Defense budget may also have a bearing on fiscal deficit. An amount of Rs 146 billion has been allocated for defense in the budget 2002-03, which is Rs 15 billion more than the amount of Rs 131 billion allocated for defense in 2001-02. However, when compared to the actual expenses of Rs 151 billion under this head in 2001-02, this shows a decrease of Rs 5 billion. Keeping in view the regional and global politics and the prevailing tensions on the borders, with clear announcements by the Indian leadership that withdrawal is unlikely in the near future, it would be naive to think that a lesser amount on defense would suffice.
Agriculture: Agriculture accounts for 26 per cent of the GDP and is like the backbone for the economy. The target for the growth of agriculture has been fixed at 2.4 per cent in the next budget, which is even less than the population growth rate in Pakistan. This gives rise to fears of deficiency in food and increase in food imports in the coming years. Before the budget, the finance minister had repeatedly said that the government would provide concessions in the budget for the development of agriculture sector. Though some concessions (like the increase in agricultural loan, for example), yet the real problems of the sector have been overlooked. General Sales Tax (GST) on fertilizers and pesticides would certainly cause price-hike in these important 'inputs'. This would, no doubt, add to the burden on the grower, especially the small farmer. Similarly, diesel has become an essential 'input' in the agricultural sector because of the introduction and use of tube-wells and increase in its price would also directly affect the agriculture produce. There are also reports that the government has lowered the target of wheat's purchase for the year 2002-03 by 50 per cent while the alternative system for storage and purchase of the wheat is still far from completion. These factors have forced farmers to sell their crop at the rate far below the official rate of Rs. 300 per 40 kg. The budget is silent with respect to these issues.

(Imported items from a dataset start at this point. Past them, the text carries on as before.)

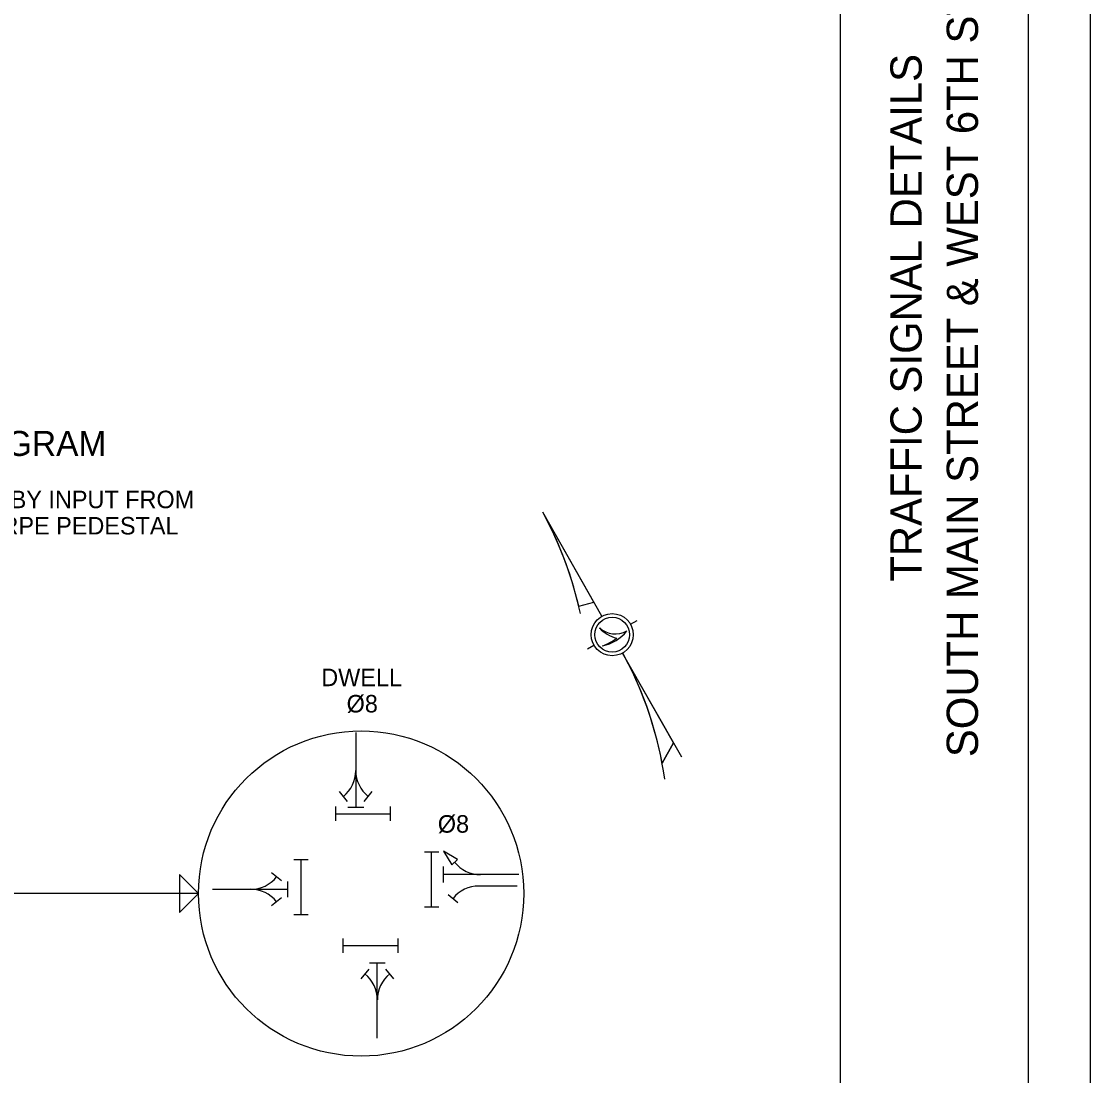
# Model space of a CAD drawing. Extents: x 0 to 680, y 0 to 551.
# Drawn here: x 509.1 to 680, y 141.9 to 310.4 of the extents above; entities that cross this region are included whole.
import ezdxf

# ---------------------------------------------------------------- set-up
doc = ezdxf.new("R2010")
doc.units = 0
for name, color, linetype in [('SG_P_Text', 7, 'Continuous'), ('SH_Border', 7, 'Continuous'), ('SH_Cut_Line', 7, 'Continuous'), ('SH_Data', 7, 'Continuous'), ('SH_Text', 7, 'Continuous')]:
    doc.layers.add(name, color=color, linetype=linetype)

msp = doc.modelspace()

# ---------------------------------------------------------------- linework, layer by layer
at = {"layer": 'SG_P_Text'}
for p, q in [((562.55, 196.77), (562.55, 190.66)), ((562.55, 196.77), (562.55, 190.66)), ((562.55, 196.77), (562.55, 184.75)), ((561.21, 185.73), (559.93, 187.32)), ((563.89, 185.73), (565.17, 187.32)), ((559.29, 184.92), (559.29, 182.64)), ((563.82, 184.75), (561.28, 184.75)), ((568.07, 184.92), (568.07, 182.64)), ((559.29, 183.78), (568.07, 183.78)), ((554.96, 176.41), (552.67, 176.41)), ((553.82, 167.63), (553.82, 176.41)), ((575.81, 177.64), (573.53, 177.64)), ((574.67, 168.86), (574.67, 177.64)), ((550.69, 173.04), (549.1, 174.32)), ((576.59, 172.78), (576.59, 175.32)), ((551.66, 172.97), (551.66, 170.43)), ((588.6, 174.05), (576.59, 174.05)), ((588.6, 174.05), (582.49, 174.05)), ((539.65, 171.7), (545.76, 171.7)), ((539.65, 171.7), (551.66, 171.7)), ((539.65, 171.7), (545.76, 171.7)), ((588.34, 172.22), (582.22, 172.22)), ((550.69, 170.36), (549.1, 169.08)), ((577.3, 170.88), (578.89, 169.59)), ((554.96, 167.63), (552.67, 167.63)), ((575.81, 168.86), (573.53, 168.86)), ((560.5, 163.84), (560.5, 161.56)), ((560.5, 162.7), (569.28, 162.7)), ((569.28, 163.84), (569.28, 161.56)), ((564.66, 158.96), (563.38, 157.37)), ((564.73, 159.94), (567.26, 159.94)), ((565.99, 147.93), (565.99, 159.94)), ((567.33, 158.96), (568.61, 157.37)), ((565.99, 147.93), (565.99, 154.04)), ((565.99, 147.93), (565.99, 154.04))]:
    msp.add_line(p, q, dxfattribs=at)
msp.add_lwpolyline([(578.8, 176.48), (576.59, 177.8), (577.91, 175.59)], close=True, dxfattribs=at)
msp.add_circle((563.41, 171.02), 25.99, dxfattribs=at)
for centre, start, end in [((557.25, 190.66), 308.7993, 0), ((567.85, 190.66), 180, 231.2007), ((582.49, 179.35), 218.7864, 269.9871), ((545.76, 177), 270, 321.2007), ((545.76, 166.4), 38.7993, 90), ((582.23, 166.92), 90.0129, 141.2136), ((560.69, 154.04), 360, 51.2007), ((571.3, 154.04), 128.7993, 180)]:
    msp.add_arc(centre, 5.3, start, end, dxfattribs=at)
at = {"layer": 'SH_Border'}
msp.add_line((640, 10), (640, 430), dxfattribs=at)
msp.add_lwpolyline([(30, 430), (670, 430), (670, 10), (30, 10)], close=True, dxfattribs=at)
at = {"layer": 'SH_Cut_Line'}
msp.add_lwpolyline([(0, 0), (680, 0), (680, 440), (0, 440)], close=True, dxfattribs=at)
at = {"layer": 'SH_Data'}
for p, q in [((601.88, 215.33), (592.43, 231.96)), ((598.2, 216.95), (600.61, 217.57)), ((606.48, 214.06), (607.52, 214.65)), ((599.57, 210.13), (600.61, 210.73)), ((614.65, 192.83), (605.21, 209.46)), ((613.36, 195.11), (611.51, 191.84)), ((537.42, 171.02), (501.79, 171.02))]:
    msp.add_line(p, q, dxfattribs=at)
for points in [[(598.19, 216.95), (598.2, 216.95), (600.61, 217.57), (592.43, 231.96)], [(611.51, 191.84), (613.36, 195.11), (605.21, 209.46)]]:
    msp.add_lwpolyline(points, dxfattribs=at)
msp.add_lwpolyline([(537.42, 171.02), (534.39, 174.06), (534.38, 167.99)], close=True, dxfattribs=at)
for radius in [3.37, 2.78]:
    msp.add_circle((603.54, 212.39), radius, dxfattribs=at)
for centre, radius, start, end in [((540.6, 203.48), 59.14, 12.006, 28.7854), ((540.6, 203.48), 59.14, 13.1661, 28.7854), ((604.02, 216.33), 3.82, 228.7482, 298.9617), ((605.47, 217.09), 5.38, 222.4464, 256.9049), ((600.59, 217.25), 6.79, 282.0781, 321.0767), ((599.04, 218.65), 8.57, 290.3184, 307.4642), ((553.38, 180.98), 59.14, 8.0961, 28.7854), ((553.38, 180.98), 59.14, 10.5844, 28.7854)]:
    msp.add_arc(centre, radius, start, end, dxfattribs=at)

# ---------------------------------------------------------------- texts
for s, p in [('SOUTH MAIN STREET & WEST 6TH STREET', (662, 192.82)), ('TRAFFIC SIGNAL DETAILS', (653, 220.85))]:
    msp.add_text(s, height=5, rotation=90, dxfattribs=at).set_placement(p)
at = {"layer": 'SH_Text'}
for s, height, p in [('PREEMPTION PHASING DIAGRAM', 4, (435.31, 240.95)), ('RRPE AT THIS SIGNAL SHALL BE INITIATED BY INPUT FROM', 2.8, (427.71, 232.6)), ('MAIN/6TH STREET NORFOLK SOUTHERN RRPE PEDESTAL', 2.8, (427.71, 228.4)), ('DWELL', 2.8, (557.04, 204.16)), ('Ø8', 2.8, (561.09, 199.96)), ('Ø8', 2.8, (575.67, 180.75))]:
    msp.add_text(s, height=height, dxfattribs=at).set_placement(p)

doc.saveas('drawing.dxf')

Industry: As to the industry, the government claims the budget 2002-03 as investment-friendly and to prove its assertion it refers to reducing of import duty on many items, bringing it down to 25 per cent. The fact of the matter is that this lowering of import duty is part of WTO and other international agreements. While this would benefit the foreign exporters that send their goods to Pakistan, the ground reality cannot be changed with lowering certain duties when industrial growth and production has come to a grinding halt. Unavailability of foreign raw material at low prices is not the real cause for lack of investment, the real factors include ever-increasing cost of electricity, gas, petroleum and raw materials, failure in checking the spread of smuggling, and the deteriorating law and order situation. In these circumstances, even the local investors are discouraged to invest, what to talk of foreign investment!
Quite contrary to the finance minister's claim, and as the industrialists and traders are saying, enlarging the range of excise duty, instead of reducing it as was being promised, has in fact doubled the tax burden. Likewise, the import duty on capital goods and industrial machinery is unjustified. Duty has been levied on those items on which there was none before; if there had been any, it has now been increased. The anomalies of Sales Tax have not been removed. Along with the GST, the notion of giving District Governments powers to levy more taxes would only add to the burden of taxes.
Smuggling in the name of Afghan Transit Trade is going on unabated. The difference between the tariff on imported raw material and the locally manufactured goods has virtually become very nominal. This is destructive for local industry. The current situation is that many imported goods are available at far lower prices than the goods that are manufactured in the country. The local industry is, thus, facing tough times with the competition getting tougher day by day. It is becoming almost impossible for it to lower the prices in the wake of utility charges in particular. Without assessing how much burden the local industry and trade can bear, the government is adamant on increasing the tax revenue by Rs. 60 billion (i.e. by 15 per cent) in just one year. This might deal a death-blow to the industry of the country. How can, then, the budget be termed as friendly for trade and industry in the face of these complaints of industrial and trading community?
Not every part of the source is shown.